Classical Social Democracy, functioning in an epoch of progressive capitalism, divided its program into two parts independent of each other: the minimum program which limited itself to reforms within the framework of bourgeois society, and the maximum program which promised substitution of socialism for capitalism in the indefinite future. Between the minimum and the maximum program no bridge existed. And indeed Social Democracy has no need of such a bridge, since the word socialism is used only for holiday speechifying.
— The Death Agony of Capitalism and the Tasks of the Fourth International

The problem lay in the fact that the "epoch of progressive capitalism" had ended in the prior period. This meant that "every serious demand of the proletariat" reached beyond the limits of what the capitalist and the bourgeois state were prepared to willingly give.

The old "minimum" demands had been raised by reformists on the understanding that they were acceptable to an expanding capitalism, and had been dropped when they were not.
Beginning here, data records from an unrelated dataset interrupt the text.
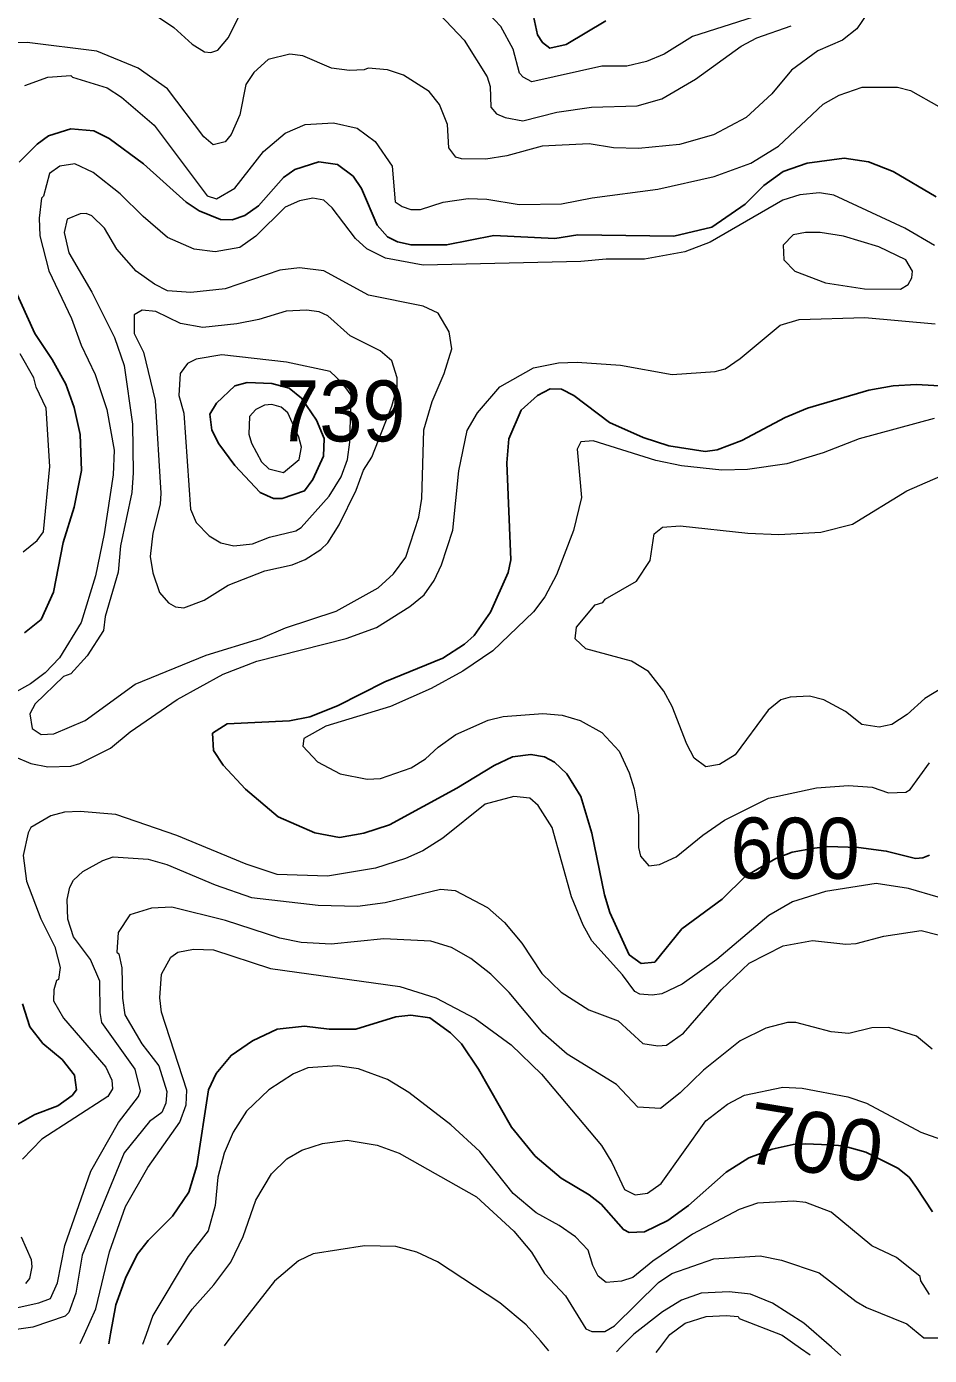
# Model space of a CAD drawing. Extents: x 673.3 to 698.5, y 6984.3 to 7012.3.
# Drawn here: x 695.588 to 696.773, y 6984.271 to 6986.015 of the extents above; entities that cross this region are included whole.
import ezdxf
from ezdxf.enums import TextEntityAlignment as Align

# ---------------------------------------------------------------- set-up
doc = ezdxf.new("R2010")
doc.units = 0
doc.header["$LTSCALE"] = 0.032
doc.layers.add('1', color=7, linetype='Continuous', lineweight=25)
doc.layers.add('2', color=7, linetype='Continuous', lineweight=13)
doc.layers.add('21', color=7, linetype='Continuous')
doc.layers.add('61', color=7, linetype='Continuous')

msp = doc.modelspace()

# ---------------------------------------------------------------- linework, layer by layer
at = {"layer": '1'}
for points in [[(696.2469, 6986.0598), (696.2588, 6986.0042), (696.2653, 6985.9943), (696.2751, 6985.987), (696.2963, 6985.9918), (696.3486, 6986.0229)], [(696.7822, 6985.7918), (696.7259, 6985.825), (696.6936, 6985.8378), (696.6613, 6985.8427), (696.6131, 6985.8361), (696.5815, 6985.825), (696.5562, 6985.8067), (696.5313, 6985.7822), (696.4877, 6985.7521), (696.4377, 6985.7401), (696.3118, 6985.7417), (696.2818, 6985.7369), (696.2014, 6985.7409), (696.1395, 6985.7287), (696.0929, 6985.7287), (696.0751, 6985.7325), (696.0619, 6985.7392), (696.0484, 6985.7546), (696.0276, 6985.8025), (696.0168, 6985.8191), (695.9963, 6985.8343), (695.9718, 6985.8377), (695.9402, 6985.8275), (695.9254, 6985.8172), (695.8928, 6985.7798), (695.8746, 6985.7672), (695.858, 6985.7614), (695.8425, 6985.7621), (695.8146, 6985.7732), (695.7978, 6985.7848), (695.7414, 6985.8349), (695.6965, 6985.8681), (695.6764, 6985.8785), (695.646, 6985.8811), (695.6171, 6985.872), (695.6018, 6985.861), (695.5783, 6985.8373)], [(695.5637, 6985.6908), (695.599, 6985.6125), (695.6218, 6985.5783), (695.6397, 6985.5458), (695.6506, 6985.5151), (695.6586, 6985.48), (695.6602, 6985.4328), (695.6505, 6985.3845), (695.636, 6985.3383), (695.6233, 6985.2729), (695.6073, 6985.2371), (695.5854, 6985.2194)], [(696.4311, 6985.4649), (696.4789, 6985.4576), (696.4946, 6985.4599), (696.5269, 6985.4719), (696.5842, 6985.5022), (696.6132, 6985.5143), (696.6939, 6985.5382), (696.7259, 6985.5438), (696.7558, 6985.5454), (696.8416, 6985.5408)], [(696.7735, 6984.9276), (696.7647, 6984.9244), (696.7553, 6984.9235), (696.7167, 6984.9332), (696.6802, 6984.9379), (696.6397, 6984.939), (696.6226, 6984.9369), (696.5933, 6984.9317), (696.5719, 6984.9236), (696.5321, 6984.9001), (696.5013, 6984.8702), (696.4483, 6984.831), (696.4128, 6984.7875), (696.395, 6984.7857), (696.3793, 6984.7971), (696.354, 6984.8526), (696.3468, 6984.8757), (696.3303, 6984.9565), (696.3156, 6985.005), (696.2973, 6985.0346), (696.2813, 6985.0497), (696.2681, 6985.057), (696.2503, 6985.0601), (696.2259, 6985.0567), (696.202, 6985.0456), (696.1528, 6985.0158), (696.0646, 6984.9678), (696.031, 6984.9568), (695.9991, 6984.951), (695.9666, 6984.9569), (695.9182, 6984.9782), (695.8754, 6985.0143), (695.8461, 6985.046), (695.8337, 6985.0651), (695.8323, 6985.0879), (695.8515, 6985.1), (695.9333, 6985.1041), (695.9599, 6985.1092), (695.9965, 6985.1236), (696.0584, 6985.1554), (696.1346, 6985.1862), (696.1629, 6985.2046), (696.1758, 6985.2159), (696.197, 6985.2469), (696.2202, 6985.2989), (696.2237, 6985.3155), (696.2188, 6985.4428), (696.2213, 6985.4741), (696.2374, 6985.5118), (696.259, 6985.531), (696.2754, 6985.5398), (696.2904, 6985.5395), (696.3066, 6985.5312), (696.3535, 6985.4956), (696.3976, 6985.4759), (696.4311, 6985.4649)], [(695.5829, 6984.7325), (695.5923, 6984.7025), (695.6096, 6984.6805), (695.6347, 6984.6596), (695.6512, 6984.639), (695.6536, 6984.6198), (695.6479, 6984.6122), (695.629, 6984.5987), (695.5989, 6984.5876), (695.5684, 6984.57)], [(695.696, 6984.2865), (695.6984, 6984.2996), (695.7054, 6984.3375), (695.718, 6984.3727), (695.7331, 6984.4037), (695.7479, 6984.4222), (695.7797, 6984.4539), (695.8011, 6984.4854), (695.8118, 6984.5201), (695.827, 6984.6199), (695.8368, 6984.6412), (695.8565, 6984.6651), (695.8847, 6984.6842), (695.917, 6984.6994), (695.9528, 6984.7034), (695.9854, 6984.6993), (696.0202, 6984.6993), (696.073, 6984.7156), (696.0924, 6984.718), (696.1176, 6984.7145), (696.1445, 6984.6946), (696.159, 6984.68), (696.1815, 6984.6469), (696.2246, 6984.571), (696.2556, 6984.533), (696.2899, 6984.5041), (696.3268, 6984.4821), (696.3423, 6984.4698), (696.3717, 6984.4365), (696.3791, 6984.4324), (696.3993, 6984.4337), (696.4301, 6984.4484), (696.4572, 6984.4679), (696.5066, 6984.5116), (696.5364, 6984.5307), (696.567, 6984.5418), (696.5945, 6984.5481), (696.6107, 6984.5489), (696.642, 6984.5478), (696.6602, 6984.5462), (696.6897, 6984.5382), (696.7321, 6984.5172), (696.7468, 6984.5051), (696.7564, 6984.4917), (696.7773, 6984.4599)]]:
    msp.add_lwpolyline(points, dxfattribs=at)
msp.add_lwpolyline([(695.9103, 6985.5469), (695.9327, 6985.5406), (695.9492, 6985.5275), (695.9687, 6985.4985), (695.9786, 6985.4746), (695.9778, 6985.4514), (695.964, 6985.4207), (695.9531, 6985.4061), (695.9235, 6985.3957), (695.9124, 6985.3958), (695.8949, 6985.4036), (695.8613, 6985.4392), (695.8403, 6985.4676), (695.8314, 6985.4855), (695.8288, 6985.5065), (695.8376, 6985.5208), (695.8614, 6985.5438), (695.8776, 6985.5479)], close=True, dxfattribs=at)
at = {"layer": '2'}
for points in [[(695.7585, 6986.0294), (695.7813, 6986.0139), (695.8057, 6985.9919), (695.8216, 6985.982), (695.83, 6985.9812), (695.8392, 6985.9843), (695.853, 6986.0008), (695.8856, 6986.0665)], [(696.6978, 6986.0409), (696.6782, 6986.0122), (696.6592, 6985.9973), (696.6268, 6985.9835), (696.5923, 6985.9579), (696.5667, 6985.9269), (696.5327, 6985.8958), (696.4898, 6985.8731), (696.4451, 6985.8604), (696.3913, 6985.855), (696.3585, 6985.8561), (696.3265, 6985.8615), (696.265, 6985.8581), (696.2186, 6985.8457), (696.1909, 6985.8411), (696.1591, 6985.8415), (696.1517, 6985.8439), (696.1426, 6985.856), (696.1405, 6985.8865), (696.1303, 6985.9131), (696.1168, 6985.93), (696.083, 6985.9513), (696.0619, 6985.9583), (696.0366, 6985.9608), (696.0312, 6985.9584), (696.0119, 6985.9576), (695.9886, 6985.9607), (695.9509, 6985.977), (695.9336, 6985.9788), (695.9053, 6985.9721), (695.8863, 6985.955), (695.876, 6985.9393), (695.8679, 6985.8992), (695.8567, 6985.8734), (695.8488, 6985.8638), (695.8331, 6985.8599), (695.8206, 6985.8704), (695.773, 6985.9336), (695.7346, 6985.9606), (695.6802, 6985.9828), (695.5891, 6985.9943), (695.5616, 6985.9935)], [(696.1225, 6986.04), (696.1628, 6985.9972), (696.1927, 6985.9494), (696.1968, 6985.9364), (696.1975, 6985.9094), (696.2051, 6985.9007), (696.2162, 6985.8957), (696.2395, 6985.8916), (696.2842, 6985.9028), (696.3298, 6985.9094), (696.3896, 6985.9112), (696.4221, 6985.9205), (696.4664, 6985.9462), (696.5264, 6985.9896), (696.5468, 6986.0006), (696.592, 6986.016)], [(696.425, 6985.9789), (696.4021, 6985.9694), (696.3763, 6985.9633), (696.3432, 6985.9632), (696.2515, 6985.9429), (696.24, 6985.9489), (696.2354, 6985.9541), (696.227, 6985.9856), (696.2108, 6986.0151), (696.1941, 6986.0326)], [(696.5421, 6986.0275), (696.4623, 6986.0023), (696.425, 6985.9789)], [(695.5859, 6985.9378), (695.6159, 6985.949), (695.646, 6985.951), (695.6482, 6985.9486), (695.6938, 6985.9346), (695.7129, 6985.9227), (695.7556, 6985.8856), (695.8254, 6985.7929), (695.8374, 6985.7891), (695.8616, 6985.8032), (695.8991, 6985.8514), (695.9275, 6985.8754), (695.9539, 6985.8866), (695.991, 6985.889), (696.0223, 6985.8819), (696.0456, 6985.8644), (696.0681, 6985.8321), (696.0722, 6985.7852), (696.081, 6985.7789), (696.0927, 6985.7752), (696.1051, 6985.7753), (696.1352, 6985.7849), (696.168, 6985.7897), (696.1925, 6985.7889), (696.2349, 6985.7817), (696.2903, 6985.7825), (696.3307, 6985.7906), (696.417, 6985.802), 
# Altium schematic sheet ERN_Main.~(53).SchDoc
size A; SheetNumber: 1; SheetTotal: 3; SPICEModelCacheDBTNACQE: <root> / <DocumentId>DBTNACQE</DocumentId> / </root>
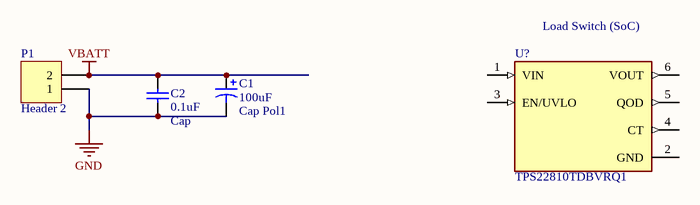
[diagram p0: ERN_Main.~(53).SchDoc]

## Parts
C1  Cap Pol1  value 100uF  [RB7.6-15]
C2  Cap  value 0.1uF  [RAD-0.3]
P1  Header 2  [HDR1X2]
U?  TPS22810TDBVRQ1  [SOT95P280X145-6N]

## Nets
GND: C1.2 C2.1 P1.1
VBATT: C1.1 C2.2 P1.2

Not connected (* = marked no-connect by the designer): U? 1(VIN) 2(GND) 3(EN/UVLO) 4(CT) 5(QOD) 6(VOUT)

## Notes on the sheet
- (near U?) Load Switch (SoC)

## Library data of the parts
C1 = Cap Pol1: Polarized Capacitor (Radial)
C2 = Cap: Capacitor
P1 = Header 2: Header, 2-Pin
U? = TPS22810TDBVRQ1: Automotive 1-channel, 18-V, 2-A, 79-mâ„¦ load switch with adj. rise time and adj. output discharge; MF: Texas Instruments
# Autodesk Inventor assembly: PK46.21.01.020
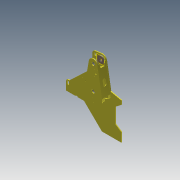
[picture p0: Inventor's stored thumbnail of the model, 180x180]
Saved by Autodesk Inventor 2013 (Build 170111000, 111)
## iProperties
Created: 2005-04
Part Number: PK46.21.01.020
Document SubType Name: Assembly
Designer: salex
Manufacturer: Standard
Standards Organization: Custom
Author: salex
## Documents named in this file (9)
- D:\FrontLoaderVault\Data\Assy, Chassis, Front\PK46.21.01.020.iam
- D:\FrontLoaderVault\Data\Assy, Chassis, Front\PK46.21.01.002.ipt
- D:\FrontLoaderVault\Data\Assy, Chassis, Front\PK46.21.01.033.ipt
- D:\FrontLoaderVault\Data\Assy, Chassis, Front\PK46.21.01.003.ipt
- D:\FrontLoaderVault\Data\Assy, Chassis, Front\PK46.21.01.004.ipt
- D:\FrontLoaderVault\Data\Assy, Chassis, Front\PK46.21.01.005.ipt
- D:\FrontLoaderVault\Data\Assy, Chassis, Front\PK46.80.00.015.ipt
- D:\FrontLoaderVault\Data\Assy, Chassis, Front\PK46.21.01.034.ipt
- D:\FrontLoaderVault\Data\Assy, Chassis, Front\PK46.21.01.001.ipt
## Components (10 placed, 8 different names)
1. PK46.21.01.002:1 — Mate:1, Insert:2, Mate:6, Insert:4, Mate:13, Mate:14, Mate:16, Angle:1, Mate:15, Insert:7
2. PK46.21.01.003:1 — Insert:6
3. PK46.21.01.003:2 — Insert:4
4. PK46.21.01.004:1 — Mate:6, Mate:10
5. PK46.21.01.005:1 — Mate:1, Mate:10, Flush:3, Mate:12
6. PK46.80.00.015:1 — Insert:2, Flush:2
7. PK46.80.00.015:2 — Insert:5
8. PK46.21.01.034:1 — Insert:7
9. PK46.21.01.001:1 — Insert:5, Insert:6, Flush:3, Mate:12, Mate:13, Mate:14
10. PK46.21.01.033:1 — Mate:16, Angle:1, Mate:15
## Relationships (16: Mate 8, Insert 5, Flush 2, Angle 1)
- Mate:1: PK46.21.01.002:1 ↔ PK46.21.01.005:1
- Insert:2: PK46.21.01.002:1 ↔ PK46.80.00.015:1
- Mate:6: PK46.21.01.002:1 ↔ PK46.21.01.004:1
- Insert:4: PK46.21.01.002:1 ↔ PK46.21.01.003:2
- Flush:2: PK46.80.00.015:1
- Mate:10: PK46.21.01.004:1 ↔ PK46.21.01.005:1
- Insert:5: PK46.80.00.015:2 ↔ PK46.21.01.001:1
- Insert:6: PK46.21.01.003:1 ↔ PK46.21.01.001:1
- Flush:3: PK46.21.01.005:1 ↔ PK46.21.01.001:1
- Mate:12: PK46.21.01.005:1 ↔ PK46.21.01.001:1
- Mate:13: PK46.21.01.002:1 ↔ PK46.21.01.001:1
- Mate:14: PK46.21.01.002:1 ↔ PK46.21.01.001:1
- Insert:7: PK46.21.01.002:1 ↔ PK46.21.01.034:1
- Mate:16: PK46.21.01.002:1 ↔ PK46.21.01.033:1
- Angle:1: PK46.21.01.002:1 ↔ PK46.21.01.033:1
- Mate:15: PK46.21.01.002:1 ↔ PK46.21.01.033:1
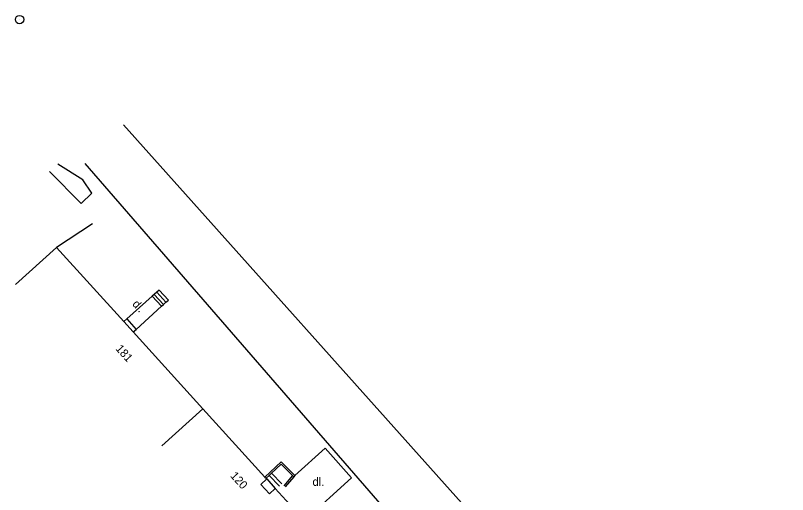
# Model space of a CAD drawing. Extents: x -582162 to -561283, y -1187583 to -1183539.
# Drawn here: x -570232.7 to -570163.1, y -1185212.7 to -1185169.5 of the extents above; entities that cross this region are included whole.
import ezdxf

# ---------------------------------------------------------------- set-up
doc = ezdxf.new("R2010")
doc.units = 0
for name, color, linetype in [('Vrstva 1', 7, 'Continuous'), ('Vrstva 10', 7, 'Continuous'), ('Vrstva 14', 7, 'Continuous'), ('Vrstva 4', 7, 'Continuous'), ('Vrstva 6', 7, 'Continuous'), ('Vrstva 9', 7, 'Continuous')]:
    doc.layers.add(name, color=color, linetype=linetype)

# ---------------------------------------------------------------- blocks, each defined once
blk = doc.blocks.new('1.079')
at = {"layer": 'Vrstva 1'}
for radius in [0.75, 0.001]:
    blk.add_circle((0, -0.001), radius, dxfattribs=at)

msp = doc.modelspace()

# ---------------------------------------------------------------- linework, layer by layer
at = {"layer": 'Vrstva 10'}
for points in [[(-570222.99, -1185179.35), (-570190.7, -1185215.47), (-570163.06, -1185246.46)], [(-570229.66, -1185183.55), (-570226.78, -1185186.44), (-570225.84, -1185185.51), (-570226.65, -1185184.3), (-570228.89, -1185182.9)], [(-570226.45, -1185182.85), (-570195.12, -1185218.99)], [(-570225.78, -1185188.3), (-570229.01, -1185190.41)], [(-570219.98, -1185194.47), (-570220.2, -1185194.67)], [(-570219.15, -1185195.37), (-570218.92, -1185195.17), (-570219.75, -1185194.27), (-570219.98, -1185194.47)], [(-570219.98, -1185194.47), (-570219.15, -1185195.37)], [(-570222.67, -1185196.86), (-570220.39, -1185194.83)], [(-570220.2, -1185194.67), (-570220.39, -1185194.83)], [(-570220.39, -1185194.83), (-570219.56, -1185195.73)], [(-570220.2, -1185194.67), (-570219.37, -1185195.57)], [(-570219.56, -1185195.73), (-570221.83, -1185197.83)], [(-570219.56, -1185195.73), (-570219.37, -1185195.57)], [(-570219.37, -1185195.57), (-570219.15, -1185195.37)], [(-570222.67, -1185196.86), (-570222.96, -1185197.11)], [(-570222.67, -1185196.86), (-570221.83, -1185197.83)], [(-570222.11, -1185198.05), (-570221.83, -1185197.83)], [(-570207.51, -1185211), (-570204.78, -1185208.55)], [(-570204.78, -1185208.55), (-570202.39, -1185211.22), (-570206.65, -1185215.08)], [(-570209.83, -1185211), (-570208.89, -1185211.99)], [(-570209.61, -1185210.8), (-570208.68, -1185211.77)]]:
    msp.add_lwpolyline(points, dxfattribs=at)
at = {"layer": 'Vrstva 4'}
for points in [[(-570232.72, -1185193.76), (-570229.01, -1185190.41)], [(-570229.01, -1185190.41), (-570222.96, -1185197.11)], [(-570222.96, -1185197.11), (-570222.11, -1185198.05)], [(-570222.11, -1185198.05), (-570215.82, -1185205)], [(-570219.53, -1185208.35), (-570215.82, -1185205)], [(-570215.82, -1185205), (-570210.21, -1185211.16)], [(-570209.28, -1185212.19), (-570209.81, -1185212.68), (-570210.59, -1185211.83), (-570210.05, -1185211.33)], [(-570210.21, -1185211.16), (-570210.11, -1185211.27)], [(-570210.11, -1185211.27), (-570210.05, -1185211.33)], [(-570210.05, -1185211.33), (-570209.28, -1185212.19)], [(-570209.28, -1185212.19), (-570206.65, -1185215.08), (-570205.99, -1185215.8)]]:
    msp.add_lwpolyline(points, dxfattribs=at)
at = {"layer": 'Vrstva 9'}
for points in [[(-570210.21, -1185211.16), (-570208.75, -1185209.79), (-570207.51, -1185211), (-570207.61, -1185211.12)], [(-570209.61, -1185210.8), (-570208.75, -1185210), (-570207.72, -1185211.01)], [(-570210.11, -1185211.27), (-570209.83, -1185211)], [(-570209.83, -1185211), (-570209.61, -1185210.8)], [(-570207.72, -1185211.01), (-570208.5, -1185211.94)], [(-570207.61, -1185211.12), (-570208.39, -1185212.04)], [(-570207.72, -1185211.01), (-570207.61, -1185211.12)]]:
    msp.add_lwpolyline(points, dxfattribs=at)

# ---------------------------------------------------------------- block references
at = {"layer": 'Vrstva 1', "xscale": 0.5, "yscale": 0.5}
msp.add_blockref('1.079', (-570232.35, -1185169.84), dxfattribs=at)

# ---------------------------------------------------------------- texts
at = {"layer": 'Vrstva 14'}
msp.add_text(' dl.', height=0.75, rotation=312.683, dxfattribs=at).set_placement((-570222.42, -1185195.37))
msp.add_text('dl.', height=0.75, dxfattribs=at).set_placement((-570205.92, -1185211.95))
at = {"layer": 'Vrstva 6'}
for s, rotation, p in [('181', 312.115, (-570223.74, -1185199.6)), ('120', 312.325, (-570213.39, -1185211.08))]:
    msp.add_text(s, height=0.75, rotation=rotation, dxfattribs=at).set_placement(p)

doc.saveas('drawing.dxf')

The Fourth International, Trotsky writes, does not discard the program of the old “minimal” demands "to the degree to which these have preserved at least part of their vital forcefulness." Trotskyists should indefatigably defend "the democratic rights and social conquests of the workers".

But in addition, transitional demands include the call for "employment and decent living conditions for all" and reach beyond what the capitalists will willingly give, challenging the "very basis of the bourgeois regime." Demands such as higher wages are not impossible demands in themselves, Trotsky argues, but capitalism in crisis demands lower wages in the hope of increasing profitability. Transitional demands therefore do not draw back in the face of the contingencies of capitalist economics, but on the contrary, it is proposed, they continually challenge the logic of the capitalist system, expose it in the eyes of the workers, and thus help them draw towards a fully rounded out socialist consciousness - an acceptance and adoption of the "maximum programme" which the socialist leaders kept for their holiday speechifying, as an immediate and realistic necessity.

By fighting for these "transitional" demands, in the opinion of the Trotskyists, the workers will come to realize that capitalism cannot meet their needs, and they will then embrace the full program of the Fourth International.

===Crisis of leadership===
Crisis of leadership is a term used by Trotskyists to describe the fundamental problem holding back the working class from political power in the epoch of imperialism. Trotsky argued that only Stalinists, centrists and reformists who hold the leadership of the class and its vanguard hold back the working class from political power when capitalism has reached the point that it is ready for socialism.

This is shown in a quote from The Transitional Program:

"All talk to the effect that historical conditions have not yet 'ripened' for socialism is the product of ignorance or conscious deception. The objective prerequisites for the proletarian revolution have not only 'ripened'; they have begun to get somewhat rotten. Without a socialist revolution, in the next historical period at that, a catastrophe threatens the whole culture of mankind. The turn is now to the proletariat, i.e., chiefly to its revolutionary vanguard. The historical crisis of mankind is reduced to the crisis of the revolutionary leadership."

The importance of this today is the different positions held by Trotskyist groups on this question - indicating their views on programme and epoch.

== Proposals ==

In the face of high unemployment and high prices (meaning, in particular, inflation) the Transitional Programme raises slogans such as a "sliding scale of wages". This means demanding a contract with the employers which ensures that if prices go up then wages (or salaries) go up by the same extent, i.e. that wages are permanently "inflation proofed". This demand was won by the Italian workers in 1945-46 (the scala mobile), who fought to keep it until it was given up in the early 1990s.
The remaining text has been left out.